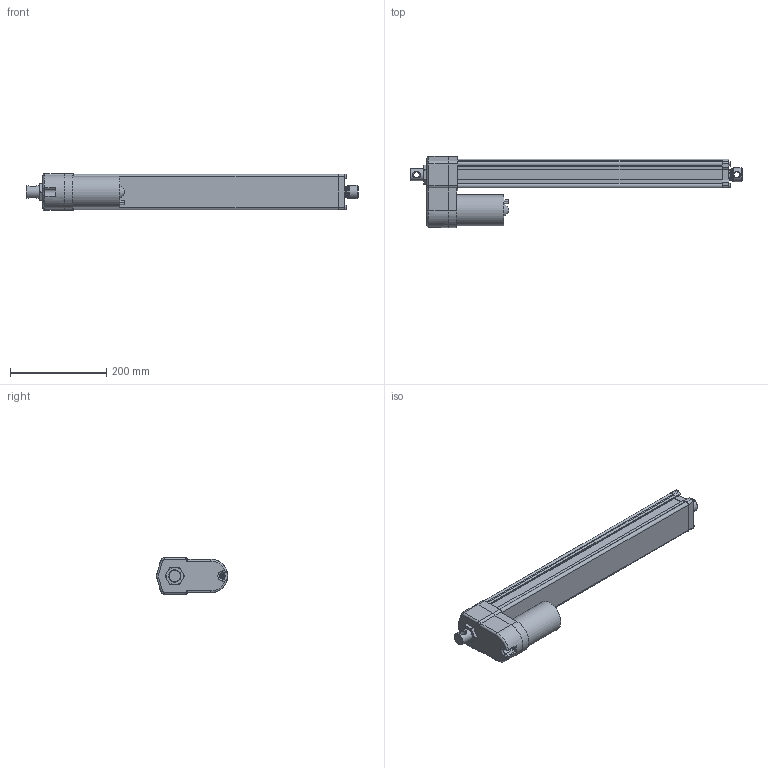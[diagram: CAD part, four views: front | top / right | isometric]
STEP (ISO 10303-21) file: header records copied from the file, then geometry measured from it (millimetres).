
FILE_DESCRIPTION( ( 'STEP AP203' ), '1' );
FILE_NAME( 'p:/temp/worker_284/temp/exporttempdir_2912_735_HAI8F/format_0/DA12-05A65M45M0N-AMM.stp', '2020-04-12T13:19:10', ( 'License CC BY-ND 4.0' ), ( 'CADENAS' ), ' ', 'PARTsolutions', ' ' );
FILE_SCHEMA( ( 'CONFIG_CONTROL_DESIGN' ) );
Length unit declared in the file: millimetre
Products named in the file (8): DA12-05A65M45M0N-AMM; _ELECTRAK-LA14-DA12-05A65MM0N-45M-EU-REAR; _Electrak-10-EU-RA-D602700; _D602768eu; _ELECTRAK-LA14-DA12--MOTOR; _DA12-05A65M45M0NAMMtube; _ELECTRAK-LA14-DA12--45-PLATE; _ELECTRAK-LA14-DA12--4505A65MNM-ROD
Assembly tree (7 placements, depth 2):
  DA12-05A65M45M0N-AMM
    _ELECTRAK-LA14-DA12-05A65MM0N-45M-EU-REAR
    _Electrak-10-EU-RA-D602700
    _D602768eu
    _ELECTRAK-LA14-DA12--MOTOR
    _DA12-05A65M45M0NAMMtube
    _ELECTRAK-LA14-DA12--45-PLATE
    _ELECTRAK-LA14-DA12--4505A65MNM-ROD
Bounding box: 691.05 x 148 x 76.2 mm (x, y, z)
Volume: 1932111.8 mm3; surface area: 533026.1 mm2
Topology: 7 solids, 8 shells, 378 faces, 942 edges, 610 vertices
Faces by surface type: plane 183, cylinder 131, cone 46, torus 14, bspline 4
Full cylindrical faces by diameter (mm): 4 x2, 4.126 x1, 4.8 x6, 5 x5, 5.6 x4, 7.878 x4, 9.398 x1, 12.2 x2, 16 x1, 21.8 x1, 25.2 x1, 25.4 x1, 26.24 x1, 28.5 x1, 28.6 x2, 47.625 x1, 65.3 x1
Entity records: 11834 total; most frequent: CARTESIAN_POINT 2729, DIRECTION 1869, ORIENTED_EDGE 1744, EDGE_CURVE 872, AXIS2_PLACEMENT_3D 702, VERTEX_POINT 602, EDGE_LOOP 485, LINE 465

────────────────────

Your objective – Transcribe the records above exactly, without images.

Answer for this exercise –
[diagram: CAD part, four views: front | top / right | isometric]
STEP (ISO 10303-21) file: header records copied from the file, then geometry measured from it (millimetres).
FILE_DESCRIPTION( ( 'STEP AP203' ), '1' );
FILE_NAME( 'p:/temp/worker_284/temp/exporttempdir_2912_735_HAI8F/format_0/DA12-05A65M45M0N-AMM.stp', '2020-04-12T13:19:10', ( 'License CC BY-ND 4.0' ), ( 'CADENAS' ), ' ', 'PARTsolutions', ' ' );
FILE_SCHEMA( ( 'CONFIG_CONTROL_DESIGN' ) );
Length unit declared in the file: millimetre
Products named in the file (8): DA12-05A65M45M0N-AMM; _ELECTRAK-LA14-DA12-05A65MM0N-45M-EU-REAR; _Electrak-10-EU-RA-D602700; _D602768eu; _ELECTRAK-LA14-DA12--MOTOR; _DA12-05A65M45M0NAMMtube; _ELECTRAK-LA14-DA12--45-PLATE; _ELECTRAK-LA14-DA12--4505A65MNM-ROD
Assembly tree (7 placements, depth 2):
  DA12-05A65M45M0N-AMM
    _ELECTRAK-LA14-DA12-05A65MM0N-45M-EU-REAR
    _Electrak-10-EU-RA-D602700
    _D602768eu
    _ELECTRAK-LA14-DA12--MOTOR
    _DA12-05A65M45M0NAMMtube
    _ELECTRAK-LA14-DA12--45-PLATE
    _ELECTRAK-LA14-DA12--4505A65MNM-ROD
Bounding box: 691.05 x 148 x 76.2 mm (x, y, z)
Volume: 1932111.8 mm3; surface area: 533026.1 mm2
Topology: 7 solids, 8 shells, 378 faces, 942 edges, 610 vertices
Faces by surface type: plane 183, cylinder 131, cone 46, torus 14, bspline 4
Full cylindrical faces by diameter (mm): 4 x2, 4.126 x1, 4.8 x6, 5 x5, 5.6 x4, 7.878 x4, 9.398 x1, 12.2 x2, 16 x1, 21.8 x1, 25.2 x1, 25.4 x1, 26.24 x1, 28.5 x1, 28.6 x2, 47.625 x1, 65.3 x1
Entity records: 11834 total; most frequent: CARTESIAN_POINT 2729, DIRECTION 1869, ORIENTED_EDGE 1744, EDGE_CURVE 872, AXIS2_PLACEMENT_3D 702, VERTEX_POINT 602, EDGE_LOOP 485, LINE 465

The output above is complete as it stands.